Forward-looking statements
This document, including information included or incorporated by reference in this document, may include statements that are, or may be deemed to be, "forward-looking statements". These forward-looking statements may be identified by the use of forward-looking terminology, including the terms "targets", "believes", "estimates", "plans", "projects", "anticipates", "expects", "intends", "may", "will" or "should" or, in each case, their negative or other variations or comparable terminology, or by discussions of strategy, plans, objectives, goals, future events or intentions. These forward-looking statements include all matters that are not historical facts and involve predictions. Forward-looking statements may and often do differ materially from actual results. Any forward-looking statements reflect the Company's current view with respect to future events and are subject to risks relating to future events and other risks, uncertainties and assumptions relating to the Company's business, results of operations, financial position, liquidity, prospects, growth or strategies and the industry in which it operates. Forward-looking statements speak only as of the date they are made and cannot be relied upon as a guide to future performance. There are many factors that could cause actual results to differ materially from those expressed or implied in forward-looking statements. Among such factors are changes in the global, political, social, economic, business, competitive, market and regulatory forces, future exchange and interest rates, changes in tax rates, future business combinations or disposals, and any epidemic, pandemic or disease outbreak.

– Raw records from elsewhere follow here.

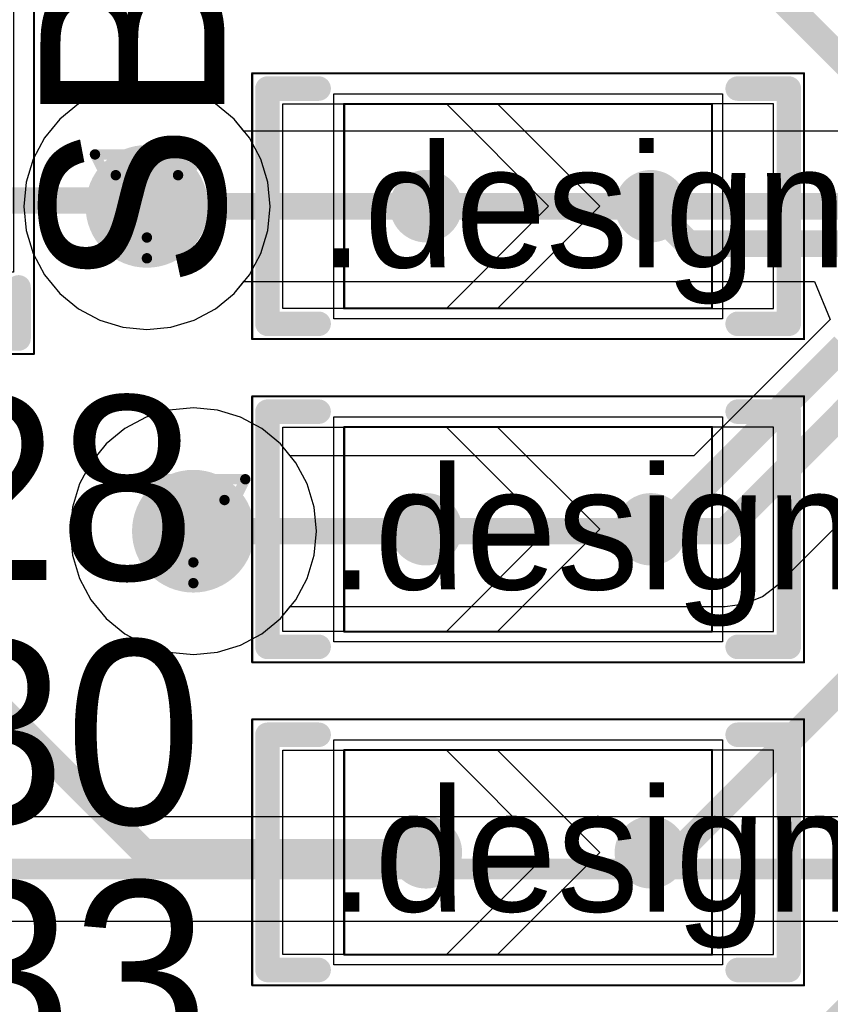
# Model space of a CAD drawing. Header units: millimetres. Extents: x 138 to 555, y 26 to 334.
# Tile 559 of 656: x 286.02 to 289.98, y 216.54 to 221.35. Entities that reach past the tile are written whole.
import ezdxf

# ---------------------------------------------------------------- set-up
doc = ezdxf.new("R2010")
doc.units = ezdxf.units.MM
for name, color, linetype in [('BottomLayer', 5, 'Continuous'), ('DrillDrawing', 1, 'Continuous'), ('Mechanical20', 56, 'Continuous'), ('Mechanical27', 56, 'Continuous'), ('MidLayer1', 16, 'Continuous'), ('MidLayer2', 76, 'Continuous'), ('MidLayer3', 90, 'Continuous'), ('MidLayer4', 156, 'Continuous'), ('MultiLayer', 9, 'Continuous'), ('TopLayer', 1, 'Continuous'), ('TopOverlay', 2, 'Continuous'), ('TopPaste', 8, 'Continuous'), ('TopSolder', 216, 'Continuous'), ('ViaHoleLayer', 16, 'Continuous')]:
    doc.layers.add(name, color=color, linetype=linetype)

# ---------------------------------------------------------------- blocks, each defined once
blk = doc.blocks.new('SOLDER_BRIDGE_R0603_0R_614')
at = {"layer": 'Mechanical20', "const_width": 0.01}
for points in [[(-1.35, 0.65), (-0.2, 0.65)], [(-1.35, -0.65), (-1.35, 0.65)], [(-0.2, 0.65), (1.35, 0.65)], [(1.35, -0.65), (1.35, 0.65)], [(-1.35, -0.65), (1.35, -0.65)]]:
    blk.add_lwpolyline(points, dxfattribs=at)
at = {"layer": 'Mechanical20', "const_width": 0.005}
for points in [[(-1.3525, 0.65, 1), (-1.3475, 0.65, 1)], [(-1.3525, 0.65, 1), (-1.3475, 0.65, 1)], [(-0.2025, 0.65, 1), (-0.1975, 0.65, 1)], [(-0.2025, 0.65, 1), (-0.1975, 0.65, 1)], [(1.3475, 0.65, 1), (1.3525, 0.65, 1)], [(1.3475, 0.65, 1), (1.3525, 0.65, 1)], [(-1.3525, -0.65, 1), (-1.3475, -0.65, 1)], [(-1.3525, -0.65, 1), (-1.3475, -0.65, 1)], [(1.3475, -0.65, 1), (1.3525, -0.65, 1)], [(1.3475, -0.65, 1), (1.3525, -0.65, 1)]]:
    blk.add_lwpolyline(points, format="xyb", close=True, dxfattribs=at)
at = {"layer": 'Mechanical27', "const_width": 0.01}
for points in [[(-0.9, -0.5), (-0.9, 0.5)], [(-0.9, 0.5), (0.9, 0.5)], [(0.9, -0.5), (0.9, 0.5)], [(-0.9, -0.5), (0.9, -0.5)]]:
    blk.add_lwpolyline(points, dxfattribs=at)
at = {"layer": 'Mechanical27', "const_width": 0.005}
for points in [[(-0.9025, 0.5, 1), (-0.8975, 0.5, 1)], [(-0.9025, 0.5, 1), (-0.8975, 0.5, 1)], [(0.8975, 0.5, 1), (0.9025, 0.5, 1)], [(0.8975, 0.5, 1), (0.9025, 0.5, 1)], [(-0.9025, -0.5, 1), (-0.8975, -0.5, 1)], [(-0.9025, -0.5, 1), (-0.8975, -0.5, 1)], [(0.8975, -0.5, 1), (0.9025, -0.5, 1)], [(0.8975, -0.5, 1), (0.9025, -0.5, 1)]]:
    blk.add_lwpolyline(points, format="xyb", close=True, dxfattribs=at)
at = {"layer": 'TopLayer'}
for p, q in [((-1.2, -0.5), (-1.2, 0.5)), ((-1.2, 0.5), (-0.4, 0.5)), ((-0.4, 0.5), (0.1, 0)), ((-0.15, 0.5), (-0.15, 0.5)), ((-0.15, 0.5), (0.35, 0)), ((1.2, 0.5), (-0.15, 0.5)), ((1.2, -0.5), (1.2, 0.5)), ((0.1, 0), (-0.4, -0.5)), ((0.35, 0), (-0.15, -0.5)), ((-1.2, -0.5), (-1.2, -0.5)), ((-0.4, -0.5), (-1.2, -0.5)), ((-0.15, -0.5), (1.2, -0.5))]:
    blk.add_line(p, q, dxfattribs=at)
at = {"layer": 'TopLayer', "const_width": 0.127}
for points in [[(-0.5635, 0, 1), (-0.4365, 0, 1)], [(0.5365, 0, 1), (0.6635, 0, 1)]]:
    blk.add_lwpolyline(points, format="xyb", close=True, dxfattribs=at)
at = {"layer": 'TopOverlay', "const_width": 0.12}
for points in [[(-1.275, 0.575), (-1.025, 0.575)], [(-1.275, 0.175), (-1.275, 0.575)], [(1.025, 0.575), (1.275, 0.575)], [(1.275, -0.575), (1.275, 0.575)], [(-1.275, -0.575), (-1.275, 0.175)], [(-1.275, -0.575), (-1.025, -0.575)], [(1.025, -0.575), (1.275, -0.575)]]:
    blk.add_lwpolyline(points, dxfattribs=at)
at = {"layer": 'TopOverlay', "const_width": 0.06}
for points in [[(-1.305, 0.575, 1), (-1.245, 0.575, 1)], [(-1.305, 0.575, 1), (-1.245, 0.575, 1)], [(-1.055, 0.575, 1), (-0.995, 0.575, 1)], [(0.995, 0.575, 1), (1.055, 0.575, 1)], [(1.245, 0.575, 1), (1.305, 0.575, 1)], [(1.245, 0.575, 1), (1.305, 0.575, 1)], [(-1.305, 0.175, 1), (-1.245, 0.175, 1)], [(-1.305, 0.175, 1), (-1.245, 0.175, 1)], [(-1.305, -0.575, 1), (-1.245, -0.575, 1)], [(-1.305, -0.575, 1), (-1.245, -0.575, 1)], [(-1.055, -0.575, 1), (-0.995, -0.575, 1)], [(0.995, -0.575, 1), (1.055, -0.575, 1)], [(1.245, -0.575, 1), (1.305, -0.575, 1)], [(1.245, -0.575, 1), (1.305, -0.575, 1)]]:
    blk.add_lwpolyline(points, format="xyb", close=True, dxfattribs=at)
at = {"layer": 'TopPaste', "const_width": 0.127}
for points in [[(-0.5635, 0, 1), (-0.4365, 0, 1)], [(0.5365, 0, 1), (0.6635, 0, 1)]]:
    blk.add_lwpolyline(points, format="xyb", close=True, dxfattribs=at)
at = {"layer": 'TopSolder'}
for p, q in [((-0.95, 0.55), (-0.95, 0.55)), ((-0.95, 0.55), (0.95, 0.55)), ((-0.95, -0.55), (-0.95, 0.55)), ((0.95, 0.55), (0.95, -0.55)), ((0.95, -0.55), (-0.95, -0.55))]:
    blk.add_line(p, q, dxfattribs=at)
at = {"layer": 'TopSolder', "const_width": 0.177}
for points in [[(-0.5885, 0, 1), (-0.4115, 0, 1)], [(0.5115, 0, 1), (0.6885, 0, 1)]]:
    blk.add_lwpolyline(points, format="xyb", close=True, dxfattribs=at)
blk = doc.blocks.new('SOLDER_BRIDGE_R0603_0R_621')
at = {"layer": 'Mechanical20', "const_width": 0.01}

These forward-looking statements are based on numerous assumptions regarding the present and future business strategies of such persons and the environment in which each will operate in the future. By their nature, these forward-looking statements involve known and unknown risks and uncertainties because they relate to events and depend on circumstances that will occur in the future. The factors described in the context of such forward-looking statements in this document may cause the actual results, performance or achievements of any such person, or industry results and developments, to be materially different from any results, performance or achievements expressed or implied by such forward-looking statements. No assurance can be given that such expectations will prove to have been correct and persons reading this document are therefore cautioned not to place undue reliance on these forward-looking statements that speak only as at the date of this document. All subsequent oral or written forward-looking statements attributable to the Company or its affiliates or any persons acting on its behalf are expressly qualified in their entirety by the cautionary statement above. The Company does not intend, nor undertakes any obligation, to update publicly or revise forward-looking statements, whether as a result of new information, future events or otherwise, except to the extent legally required.
UK Market Abuse Regulation
This announcement contains inside information for the purposes of Article 7 of Regulation (EU) No 596/2014 of the European Parliament and the Council of 16 April 2014 as it forms part of domestic law in the United Kingdom by virtue of the European Union (Withdrawal) Act 2018.